__Exercise material__.
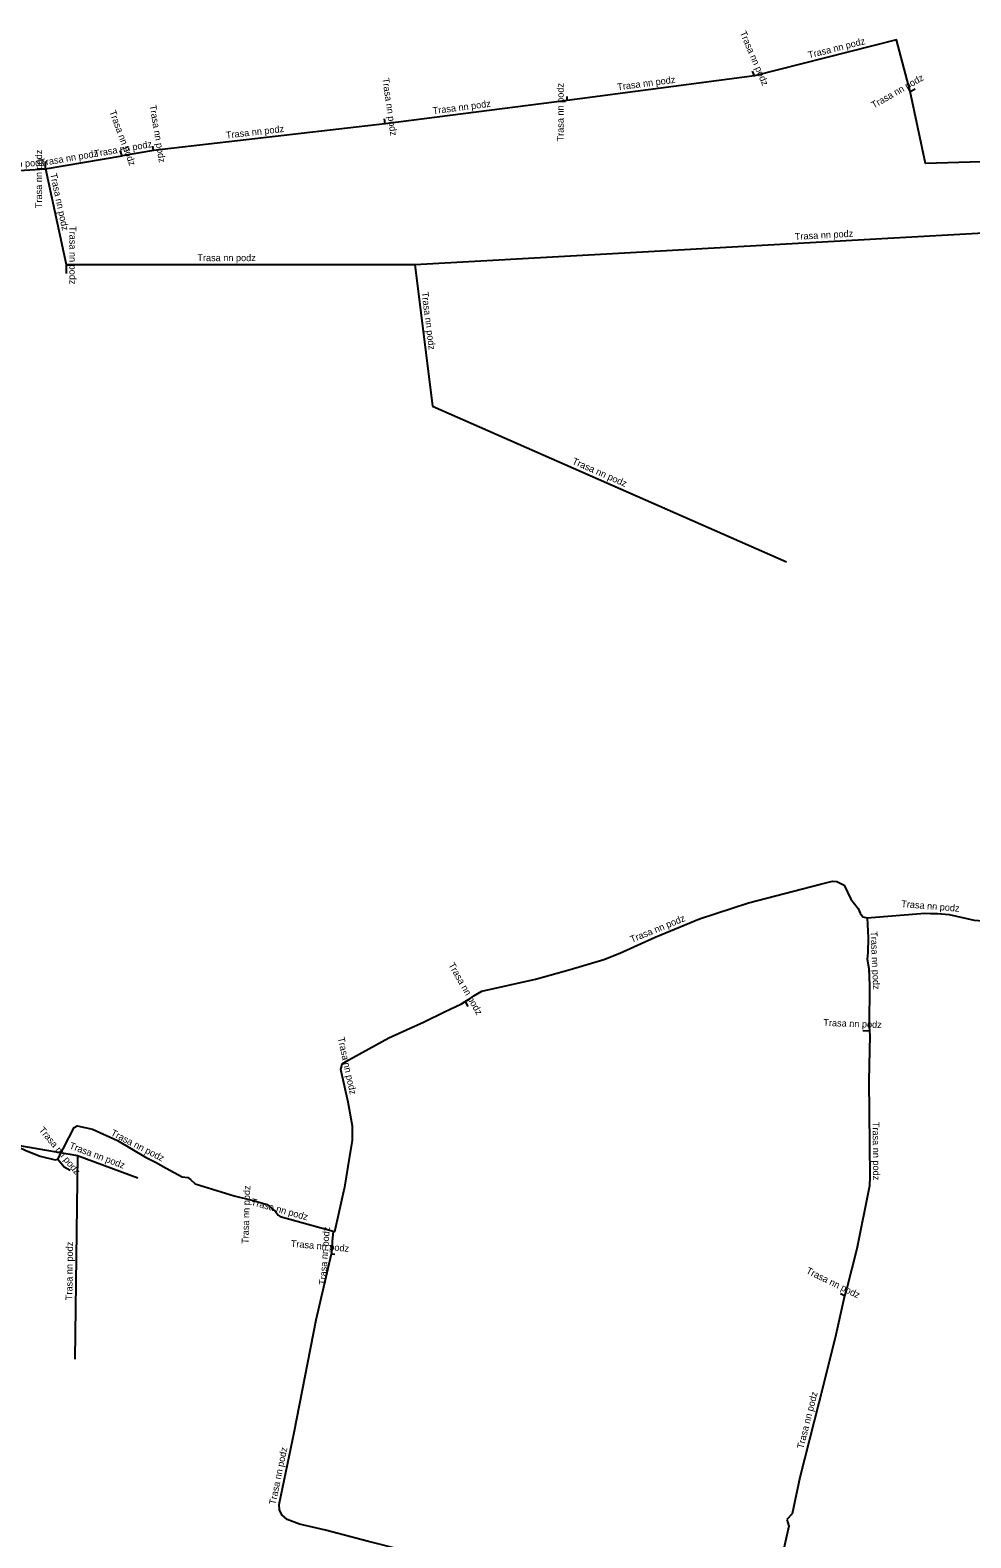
# Model space of a CAD drawing. Extents: x -724876 to -714160, y -1042389 to -1039790.
# Drawn here: x -715399 to -715261.4, y -1040732.1 to -1040511.5 of the extents above; entities that cross this region are included whole.
import ezdxf

# ---------------------------------------------------------------- set-up
doc = ezdxf.new("R2010")
doc.units = 0
doc.layers.add('Level 11', color=7, linetype='Continuous')
doc.layers.add('Level 20', color=7, linetype='Continuous')

msp = doc.modelspace()

# ---------------------------------------------------------------- linework, layer by layer
at = {"layer": 'Level 11'}
for p, q in [((-715293.1, -1040518.2), (-715293.4, -1040517.5)), ((-715293.1, -1040518.2), (-715320.5, -1040521.8)), ((-715270.3, -1040520.5), (-715269.6, -1040520.1)), ((-715320.5, -1040521.8), (-715347.1, -1040525.2)), ((-715320.5, -1040521.8), (-715320.5, -1040521.2)), ((-715347.1, -1040525.2), (-715347.2, -1040524.5)), ((-715347.1, -1040525.2), (-715381, -1040529.1)), ((-715381, -1040529.1), (-715381.1, -1040528.5)), ((-715396.8, -1040531.8), (-715385.6, -1040529.9)), ((-715396.8, -1040531.8), (-715396.8, -1040530.7)), ((-715385.6, -1040529.9), (-715385.9, -1040529.1)), ((-715381, -1040529.1), (-715385.6, -1040529.9)), ((-715401.4, -1040532.1), (-715396.8, -1040531.8)), ((-715396.8, -1040531.8), (-715393.8, -1040545.8)), ((-715393.8, -1040545.8), (-715342.8, -1040545.8)), ((-715393.8, -1040545.8), (-715393.8, -1040547.1)), ((-715342.8, -1040545.8), (-715340.2, -1040566.5)), ((-715340.2, -1040566.5), (-715288.4, -1040589.3)), ((-715335.43, -1040653.6), (-715335.03, -1040654.31)), ((-715276.29, -1040657.92), (-715277.27, -1040657.88)), ((-715414.6, -1040672.3), (-715392.1, -1040676.1)), ((-715392.1, -1040676.1), (-715392.5, -1040705.9)), ((-715392.1, -1040676.1), (-715383.3, -1040679.4)), ((-715366.41, -1040682.68), (-715366.42, -1040682.91)), ((-715354.98, -1040690.51), (-715354.48, -1040690.55)), ((-715279.95, -1040696.65), (-715280.49, -1040696.38))]:
    msp.add_line(p, q, dxfattribs=at)
for points in [[(-715270.3, -1040520.5), (-715272.3, -1040512.9), (-715293.1, -1040518.2)], [(-715228.14, -1040528.36), (-715233.8, -1040530), (-715268.1, -1040531), (-715270.3, -1040520.5)], [(-715342.8, -1040545.8), (-715235, -1040539.8), (-715222.41, -1040529.76)], [(-715335.43, -1040653.6), (-715334.66, -1040653.14), (-715334.15, -1040652.78), (-715332.99, -1040652.08), (-715325.12, -1040650.34), (-715320.05, -1040648.92), (-715315.11, -1040647.47), (-715312.77, -1040646.53), (-715307.64, -1040644.17), (-715301.12, -1040641.5), (-715293.95, -1040639.18), (-715283.44, -1040636.42), (-715281.68, -1040636.01), (-715281.03, -1040636.04), (-715280, -1040636.57), (-715279, -1040638.62), (-715277.95, -1040640.01), (-715277.62, -1040640.69), (-715277.26, -1040641.2), (-715276.59, -1040641.38)], [(-715276.59, -1040641.38), (-715276.47, -1040644.26), (-715276.54, -1040646.42), (-715276.63, -1040647.38), (-715276.38, -1040648.76), (-715276.27, -1040651.27), (-715276.3, -1040657.18), (-715276.29, -1040657.92)], [(-715276.59, -1040641.38), (-715268.17, -1040640.67), (-715267.33, -1040640.7), (-715266.33, -1040640.71), (-715264.61, -1040640.85), (-715260.97, -1040641.71), (-715255.04, -1040642.16), (-715254.45, -1040641.83)], [(-715354.7, -1040687.2), (-715354.47, -1040687.26), (-715353.86, -1040684.41), (-715353.14, -1040681.35), (-715353, -1040680.76), (-715352.54, -1040677.73), (-715351.9, -1040673.86), (-715351.92, -1040671.84), (-715352.55, -1040668.3), (-715353.58, -1040663.54), (-715353.43, -1040662.7), (-715352.42, -1040662.14), (-715346.59, -1040658.91), (-715341.43, -1040656.59), (-715338.43, -1040655.13), (-715335.94, -1040653.92), (-715335.43, -1040653.6)], [(-715276.29, -1040657.92), (-715276.23, -1040658.56), (-715276.37, -1040665.14), (-715276.24, -1040679.26), (-715276.28, -1040680.55), (-715278.13, -1040689.76), (-715279.58, -1040695.55), (-715279.95, -1040696.65)], [(-715415.05, -1040670.77), (-715412.18, -1040671.36), (-715408.67, -1040672.18), (-715406.27, -1040672.84), (-715403.83, -1040673.44), (-715399.67, -1040675.38), (-715397.6, -1040676.24), (-715395.38, -1040676.74), (-715394.98, -1040676.65)], [(-715394.98, -1040676.65), (-715392.6, -1040672.03), (-715392.16, -1040671.77), (-715389.91, -1040672.29), (-715386.28, -1040673.93), (-715382.18, -1040676.35), (-715380.72, -1040677.1), (-715379.15, -1040677.96), (-715376.79, -1040679.24), (-715375.96, -1040679.35), (-715375.58, -1040679.64), (-715374.92, -1040680.29), (-715369.19, -1040682.02), (-715366.41, -1040682.68)], [(-715394.98, -1040676.65), (-715394.05, -1040677.77), (-715393.21, -1040678.26)], [(-715366.41, -1040682.68), (-715364.39, -1040683.29), (-715363.21, -1040684.26), (-715362.78, -1040684.86), (-715362.5, -1040685.04), (-715354.7, -1040687.2)], [(-715354.7, -1040687.2), (-715354.85, -1040688.69), (-715354.98, -1040690.51)], [(-715339.53, -1040735.1), (-715349.54, -1040732.57), (-715355.85, -1040730.92), (-715359.65, -1040730.03), (-715361.43, -1040729.36), (-715362.22, -1040728.69), (-715362.57, -1040727.95), (-715362.62, -1040727.18), (-715360.42, -1040716.62), (-715357.2, -1040700.15), (-715354.98, -1040690.51)], [(-715279.95, -1040696.65), (-715281.31, -1040702.8), (-715283.7, -1040712.3), (-715286.47, -1040723.24), (-715287.6, -1040728.55), (-715288.34, -1040729.35)], [(-715288.34, -1040729.35), (-715288.09, -1040730.34), (-715290.77, -1040742.27), (-715291.43, -1040744.35), (-715292.5, -1040745.63), (-715293.26, -1040745.95), (-715294.09, -1040746.05), (-715296.01, -1040745.6)]]:
    msp.add_lwpolyline(points, dxfattribs=at)

# ---------------------------------------------------------------- texts
at = {"layer": 'Level 20'}
for rotation, p in [(293.1986, (-715295.27, -1040511.87)), (14.2952, (-715285.11, -1040515.65)), (278.1301, (-715347.54, -1040518.56)), (90, (-715321, -1040527.79)), (7.485, (-715313.1, -1040520.32)), (29.7449, (-715275.66, -1040522.99)), (7.284, (-715340.1, -1040523.8)), (290.556, (-715387.49, -1040523.44)), (279.4623, (-715381.59, -1040522.52)), (6.5627, (-715370.35, -1040527.37)), (9.8658, (-715389.58, -1040530.08)), (3.7314, (-715405.41, -1040531.86)), (90, (-715397.3, -1040537.54)), (9.6282, (-715397.48, -1040531.41)), (282.0948, (-715396.13, -1040532.55)), (270, (-715393.3, -1040540.16)), (3.1857, (-715287.16, -1040542.2)), (277.1591, (-715341.79, -1040549.85)), (336.2431, (-715319.85, -1040574.91)), (355.3663, (-715271.66, -1040639.78)), (22.2699, (-715311.04, -1040645.02)), (272.559, (-715276.12, -1040643.33)), (299.5878, (-715337.9, -1040648.24)), (357.7862, (-715283.04, -1040657.16)), (282.1744, (-715354.06, -1040658.92)), (309.6996, (-715397.84, -1040672.43)), (332.7963, (-715387.35, -1040673.13)), (270.5516, (-715275.82, -1040671.2)), (339.444, (-715393.41, -1040675.07)), (88.218, (-715367.11, -1040689.06)), (344.5531, (-715366.8, -1040683.34)), (85.8898, (-715355.81, -1040695.09)), (89.231, (-715392.88, -1040697.28)), (354.9909, (-715360.95, -1040689.48)), (333.8609, (-715285.64, -1040693.3)), (75.805, (-715285.94, -1040719.1)), (78.243, (-715363.15, -1040727.27))]:
    msp.add_text('Trasa nn podz', height=1, rotation=rotation, dxfattribs=at).set_placement(p)
msp.add_text('Trasa nn podz', height=1, dxfattribs=at).set_placement((-715374.59, -1040545.3))

doc.saveas('drawing.dxf')

__Instructions to follow__. Note every line in the material with "linetype" and copy it.

__Output__.
doc.layers.add('Level 11', color=7, linetype='Continuous')
doc.layers.add('Level 20', color=7, linetype='Continuous')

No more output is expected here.